# Good deal in Ohio



## westsailpat (Jan 1, 2018)

Or not ? I would buy this deal just for the legs . C'ept there is a big chunk broke out of one leg. (how does that happen?) Not to mention it's missing the lead screw and stuff . https://www.ebay.com/itm/Atlas-Craf...394728?hash=item41d7ccc228:g:wMoAAOSwiIxaGiUI PS on further investigation ,this machine looks like a model 936 , good luck finding the threading attachments for this baby . I wouldn't mind trying though , I think this thing is cool . http://www.lathes.co.uk/atlas/page2.html Ha ! This machine is a rare model 9x18 "utility". Note the the cross slide , there is no compound just a block . Well doesn't look like I will be applying for Robert's job . On further look see , I think this lathe is a 10C that never came with a lead screw . Robert if you wouldn't mind , now I'm seeing 10C's came with a compound ..... Help .


----------



## wa5cab (Jan 4, 2018)

Well, it isn't a 10" because all of the 10" headstock castings are closed on the front up to the height of the spindle centerline.  It has the later cast gear cover, and the ON-OFF switch mounted in the headstock.  It is a late (circa 1937/8) Atlas 918 9" Bench Utility Lathe (missing the lead screw) which has the later legs off of the 10" up through the 10D.  The eBay ad description was wrong in calling it a 10"See the photo below out of the 1937 Atlas Catalog No. 26.  The left front corner of the change gear guard was chopped off by the original photographer.  The photo was better before I uploaded it.


----------



## JPMacG (Jan 4, 2018)

Well, someone could purchase the lathe and spend a few weeks of his time refurbishing it and maybe 1000 dollars in replacement parts from eBay and he would have....   a lathe worth $500.

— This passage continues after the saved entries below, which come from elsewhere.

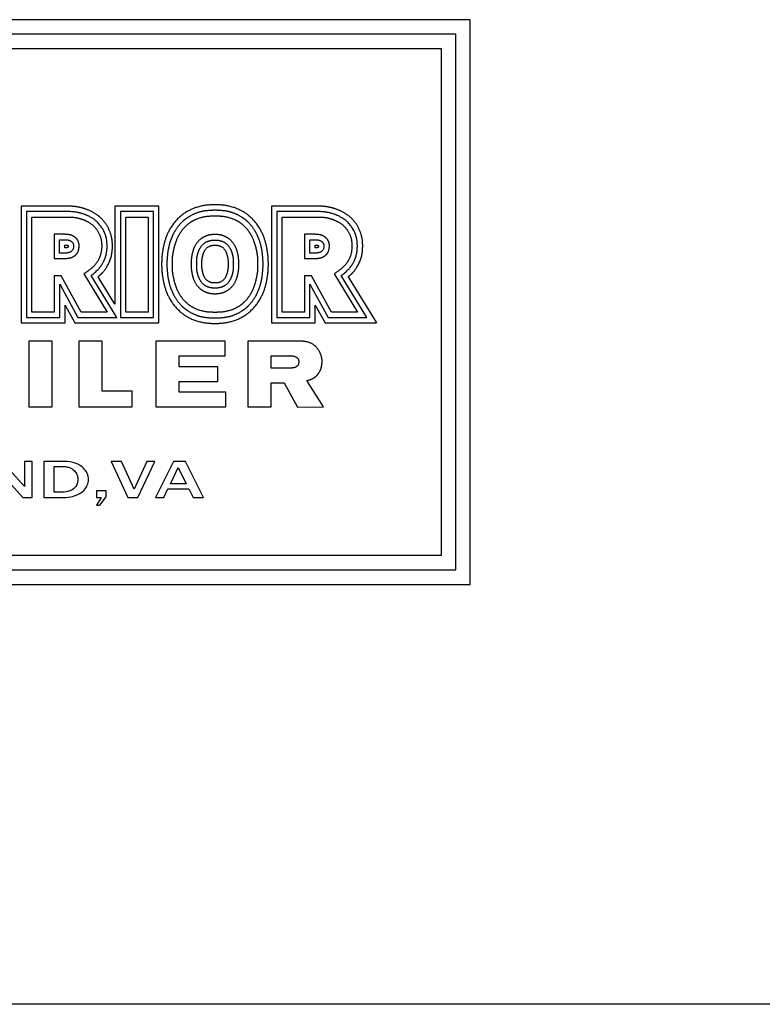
# Model space of a CAD drawing. Header units: inches. Extents: x 24 to 1128, y -94 to 748.
# Tile 350 of 573: x 525 to 551, y 298 to 332. Entities that reach past the tile are written whole.
import ezdxf

# ---------------------------------------------------------------- set-up
doc = ezdxf.new("R2010")
doc.units = ezdxf.units.IN
doc.header["$LTSCALE"] = 32
doc.header["$MEASUREMENT"] = 0
doc.layers.add('Visible (ANSI)', color=7, linetype='Continuous', lineweight=30)

msp = doc.modelspace()

# ---------------------------------------------------------------- linework, layer by layer
at = {"layer": 'Visible (ANSI)'}
for p, q in [((540.44489, 331.53736), (504.44489, 331.53736)), ((540.44489, 312.0181), (540.44489, 331.53736)), ((539.94489, 331.03736), (504.94489, 331.03736)), ((539.94489, 312.5181), (539.94489, 331.03736)), ((505.44489, 330.53736), (539.44489, 330.53736)), ((539.44489, 330.53736), (539.44489, 313.0181)), ((526.60143, 325.08993), (524.92233, 325.08993)), ((524.92233, 325.08993), (524.92233, 321.05922)), ((528.16739, 325.08993), (528.16739, 321.69796)), ((529.68656, 325.08993), (528.16739, 325.08993)), ((529.68656, 321.05922), (529.68656, 325.08993)), ((535.25143, 325.08993), (533.57233, 325.08993)), ((533.57233, 325.08993), (533.57233, 321.05922)), ((525.10939, 324.90276), (525.10939, 321.24615)), ((526.56846, 324.90271), (525.10939, 324.90276)), ((525.29539, 321.43215), (525.29539, 324.71676)), ((525.29539, 324.71676), (526.56424, 324.71676)), ((529.50023, 324.90276), (528.35556, 324.90276)), ((528.35556, 324.90276), (528.35556, 321.24615)), ((528.54156, 321.43215), (528.54156, 324.71676)), ((528.54156, 324.71676), (529.31423, 324.71676)), ((529.31423, 324.71676), (529.31423, 321.43215)), ((529.50023, 321.24615), (529.50023, 324.90276)), ((533.75939, 324.90276), (533.75939, 321.24615)), ((535.21846, 324.90271), (533.75939, 324.90276)), ((533.94539, 321.43215), (533.94539, 324.71676)), ((533.94539, 324.71676), (535.21424, 324.71676)), ((526.343, 324.11898), (526.06193, 324.11898)), ((526.06193, 324.11898), (526.06193, 323.27885)), ((534.993, 324.11898), (534.71193, 324.11898)), ((534.71193, 324.11898), (534.71193, 323.27885)), ((526.25197, 323.92987), (526.43404, 323.92987)), ((526.25197, 323.46834), (526.25197, 323.92987)), ((526.43404, 323.65422), (526.43404, 323.74522)), ((526.43404, 323.74522), (526.49003, 323.74522)), ((534.90197, 323.92987), (535.08404, 323.92987)), ((534.90197, 323.46834), (534.90197, 323.92987)), ((535.08404, 323.65422), (535.08404, 323.74522)), ((535.08404, 323.74522), (535.14003, 323.74522)), ((526.40844, 323.46834), (526.25197, 323.46834)), ((526.49215, 323.65422), (526.43404, 323.65422)), ((535.05844, 323.46834), (534.90197, 323.46834)), ((535.14215, 323.65422), (535.08404, 323.65422)), ((526.06193, 323.27885), (526.343, 323.27885)), ((534.71193, 323.27885), (534.993, 323.27885)), ((526.30925, 322.68639), (526.06897, 322.68639)), ((526.06897, 322.68639), (526.06897, 321.43215)), ((526.99763, 321.43215), (526.30925, 322.68639)), ((527.08876, 322.74711), (527.89407, 321.43215)), ((528.22609, 321.24615), (527.33937, 322.69404)), ((534.95925, 322.68639), (534.71897, 322.68639)), ((534.71897, 322.68639), (534.71897, 321.43215)), ((535.64763, 321.43215), (534.95925, 322.68639)), ((535.73876, 322.74711), (536.54407, 321.43215)), ((536.87609, 321.24615), (535.98937, 322.69404)), ((526.25497, 322.3987), (526.88754, 321.24615)), ((526.25497, 321.24615), (526.25497, 322.3987)), ((528.16739, 321.69796), (527.58223, 322.65173)), ((534.90497, 322.3987), (535.53754, 321.24615)), ((534.90497, 321.24615), (534.90497, 322.3987)), ((536.23223, 322.65173), (537.20927, 321.05922)), ((526.44022, 321.6713), (526.77964, 321.05922)), ((526.44022, 321.05922), (526.44022, 321.6713)), ((535.09022, 321.05922), (535.09022, 321.6713)), ((535.09022, 321.6713), (535.42964, 321.05922)), ((526.06897, 321.43215), (525.29539, 321.43215)), ((527.89407, 321.43215), (526.99763, 321.43215)), ((529.31423, 321.43215), (528.54156, 321.43215)), ((534.71897, 321.43215), (533.94539, 321.43215)), ((536.54407, 321.43215), (535.64763, 321.43215)), ((524.92233, 321.05922), (526.44022, 321.05922)), ((525.10939, 321.24615), (526.25497, 321.24615)), ((526.77964, 321.05922), (529.68656, 321.05922)), ((526.88754, 321.24615), (528.22609, 321.24615)), ((528.35556, 321.24615), (529.50023, 321.24615)), ((533.57233, 321.05922), (535.09022, 321.05922)), ((533.75939, 321.24615), (534.90497, 321.24615)), ((535.42964, 321.05922), (537.20927, 321.05922)), ((535.53754, 321.24615), (536.87609, 321.24615)), ((525.18649, 320.43018), (525.18649, 318.15036)), ((525.99262, 320.43018), (525.18649, 320.43018)), ((525.99262, 318.15036), (525.99262, 320.43018)), ((527.72925, 320.42992), (526.91956, 320.42992)), ((526.91956, 320.42992), (526.91956, 318.14929)), ((527.72925, 318.70186), (527.72925, 320.42992)), ((529.58285, 320.42992), (529.58285, 318.14929)), ((531.97385, 320.42992), (529.58285, 320.42992)), ((531.97385, 319.92147), (531.97385, 320.42992)), ((532.76006, 320.42992), (532.76006, 318.14929)), ((534.46019, 320.42992), (532.76006, 320.42992)), ((530.38654, 319.54259), (530.38654, 319.92147)), ((530.38654, 319.92147), (531.97385, 319.92147)), ((533.56806, 319.91786), (534.19534, 319.91786)), ((533.56806, 319.49392), (533.56806, 319.91786)), ((531.72127, 319.54259), (530.38654, 319.54259)), ((531.72127, 319.02999), (531.72127, 319.54259)), ((534.20748, 319.49392), (533.56806, 319.49392)), ((530.38654, 318.6635), (530.38654, 319.02999)), ((530.38654, 319.02999), (531.72127, 319.02999)), ((533.56806, 318.9807), (534.00956, 318.9807)), ((533.56806, 318.14929), (533.56806, 318.9807)), ((534.00956, 318.9807), (534.47675, 318.14636)), ((535.37011, 318.14929), (534.79926, 319.064)), ((528.75521, 318.70186), (527.72925, 318.70186)), ((528.75521, 318.14929), (528.75521, 318.70186)), ((532.00357, 318.6635), (530.38654, 318.6635)), ((532.00357, 318.14929), (532.00357, 318.6635)), ((525.18649, 318.15036), (525.99262, 318.15036)), ((526.91956, 318.14929), (528.75521, 318.14929)), ((529.58285, 318.14929), (532.00357, 318.14929)), ((532.76006, 318.14929), (533.56806, 318.14929)), ((534.47675, 318.14636), (535.37011, 318.14929)), ((524.92361, 315.53201), (524.26746, 316.2681)), ((525.30982, 316.2681), (525.043, 316.2681)), ((525.043, 316.2681), (525.043, 315.39704)), ((525.30982, 315.0181), (525.30982, 316.2681)), ((526.40202, 316.2681), (525.71161, 316.2681)), ((525.71161, 316.2681), (525.71161, 315.0181)), ((528.03823, 316.2681), (528.61651, 315.0181)), ((528.39537, 316.2681), (528.03823, 316.2681)), ((528.82519, 315.30983), (528.39537, 316.2681)), ((529.26435, 316.2681), (528.82519, 315.30983)), ((528.96016, 315.0181), (529.5457, 316.2681)), ((529.5457, 316.2681), (529.26435, 316.2681)), ((530.1842, 316.2681), (529.56231, 315.0181)), ((530.60052, 316.2681), (530.1842, 316.2681)), ((531.22864, 315.0181), (530.60052, 316.2681)), ((526.05941, 315.20186), (526.05941, 316.09056)), ((526.05941, 316.09056), (526.38021, 316.09056)), ((530.08142, 315.49567), (530.35447, 316.05319)), ((530.35447, 316.05319), (530.62751, 315.49567)), ((524.27058, 315.81648), (524.98175, 315.0181)), ((526.34076, 315.20186), (526.05941, 315.20186)), ((527.86589, 315.25169), (527.52328, 315.25169)), ((527.52328, 315.25169), (527.52328, 315.0181)), ((527.86589, 315.04197), (527.86589, 315.25169)), ((529.85094, 315.0181), (529.99732, 315.31606)), ((529.99732, 315.31606), (530.71888, 315.31606)), ((530.62751, 315.49567), (530.08142, 315.49567)), ((530.71888, 315.31606), (530.86838, 315.0181)), ((524.98175, 315.0181), (525.30982, 315.0181)), ((525.71161, 315.0181), (526.32623, 315.0181)), ((527.52328, 315.0181), (527.68731, 315.0181)), ((527.68731, 315.0181), (527.52328, 314.75128)), ((527.64475, 314.75128), (527.86589, 315.04197)), ((528.61651, 315.0181), (528.96016, 315.0181)), ((529.56231, 315.0181), (529.85094, 315.0181)), ((530.86838, 315.0181), (531.22864, 315.0181)), ((527.52328, 314.75128), (527.64475, 314.75128)), ((539.44489, 313.0181), (505.44489, 313.0181)), ((504.94489, 312.5181), (539.94489, 312.5181)), ((504.44489, 312.0181), (540.44489, 312.0181)), ((730.38339, 297.50112), (472.38339, 297.50112))]:
    msp.add_line(p, q, dxfattribs=at)
msp.add_arc((534.20117, 319.80313), 0.11488, 86.851313, 92.907697, dxfattribs=at)
for points, degree, knots in [([(527.58223, 322.65173), (527.71301, 322.76613), (527.80478, 322.8344), (528.06763, 323.23632), (528.08534, 323.72737), (528.07015, 324.02799), (527.93866, 324.36402), (527.77415, 324.61266), (527.51594, 324.83144), (527.19333, 324.99143), (526.90325, 325.07629), (526.6888, 325.08709), (526.60143, 325.08993)], 4, [0, 0, 0, 0, 0, 0.20133103, 0.29116474, 0.38474936, 0.47533752, 0.56385134, 0.65137094, 0.73677615, 0.81971305, 1, 1, 1, 1, 1]), ([(531.62384, 325.13801), (531.37335, 325.1401), (530.79919, 325.11575), (529.98273, 324.4899), (529.78524, 323.5961), (529.77955, 323.19363), (529.7793, 323.08863)], 4, [0, 0, 0, 0, 0, 0.44766544, 0.6339037, 1, 1, 1, 1, 1]), ([(533.46838, 323.08863), (533.46813, 323.19363), (533.46244, 323.5961), (533.26495, 324.4899), (532.44849, 325.11575), (531.87433, 325.1401), (531.62384, 325.13801)], 4, [0, 0, 0, 0, 0, 0.3660963, 0.55233456, 1, 1, 1, 1, 1]), ([(536.23223, 322.65173), (536.36301, 322.76613), (536.45478, 322.8344), (536.71763, 323.23632), (536.73534, 323.72737), (536.72015, 324.02799), (536.58866, 324.36402), (536.42415, 324.61266), (536.16594, 324.83144), (535.84333, 324.99143), (535.55325, 325.07629), (535.3388, 325.08709), (535.25143, 325.08993)], 4, [0, 0, 0, 0, 0, 0.20133103, 0.29116474, 0.38474936, 0.47533752, 0.56385134, 0.65137094, 0.73677615, 0.81971305, 1, 1, 1, 1, 1]), ([(526.56424, 324.71676), (526.82014, 324.71095), (526.96748, 324.66017), (527.17675, 324.60107), (527.46178, 324.40439), (527.65243, 324.12004), (527.71407, 323.86539), (527.71328, 323.54043), (527.60893, 323.19884), (527.42663, 322.96066), (527.13122, 322.77667), (527.08876, 322.74711)], 4, [0, 0, 0, 0, 0, 0.22034549, 0.30569407, 0.39652303, 0.49296372, 0.59023059, 0.68516844, 0.78231111, 1, 1, 1, 1, 1]), ([(527.33937, 322.69404), (527.35676, 322.70684), (527.39279, 322.73392), (527.43899, 322.77097), (527.48495, 322.81002), (527.52115, 322.84275), (527.56489, 322.88528), (527.59842, 322.92051), (527.634, 322.96133), (527.65642, 322.98915), (527.67768, 323.01736), (527.69127, 323.03633), (527.7075, 323.06021), (527.71987, 323.0794), (527.7346, 323.10349), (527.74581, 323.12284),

It might be possible to part it out and make a small profit.  It is a shame that the leg is broken.


----------



## westsailpat (Jan 4, 2018)

Thanks Robert ,  Mark .


----------



## wa5cab (Jan 4, 2018)

JPMacG said:


> It might be possible to part it out and make a small profit.  It is a shame that the leg is broken.



Yeah, and that the lead screw and an unknown number of change gears are probably missing.  Two of the 96T gears would cover a significant part of the cost.  If they are on the change gear bracket or buried in a box nearby.


----------



## westsailpat (Jan 4, 2018)

I had a few email exchanges with the owner , my first guess was right it's a 37' 918 "utility lathe" and that not many of that model were made  . He told me he remembered his dad running the lathe when he was a little kid ( he is now 40)  and dad is now gone .  He said he wanted to get info on the lathe , (I guess to fix the ad) so I told him about H-M and that a discussion was going on about his lathe . I also encouraged him to look us up so that he could learn about things Atlas related and then he could  get that lathe cleaned up and running right as a tribute to his o'l dad .


----------



## wa5cab (Jan 5, 2018)

Good show.


----------



## welderr (Jul 22, 2018)

The leg almost looks intentional like it was ground out for clearance for a motor or something else, It definitely looks heavy though


----------



## westsailpat (Jul 22, 2018)




----------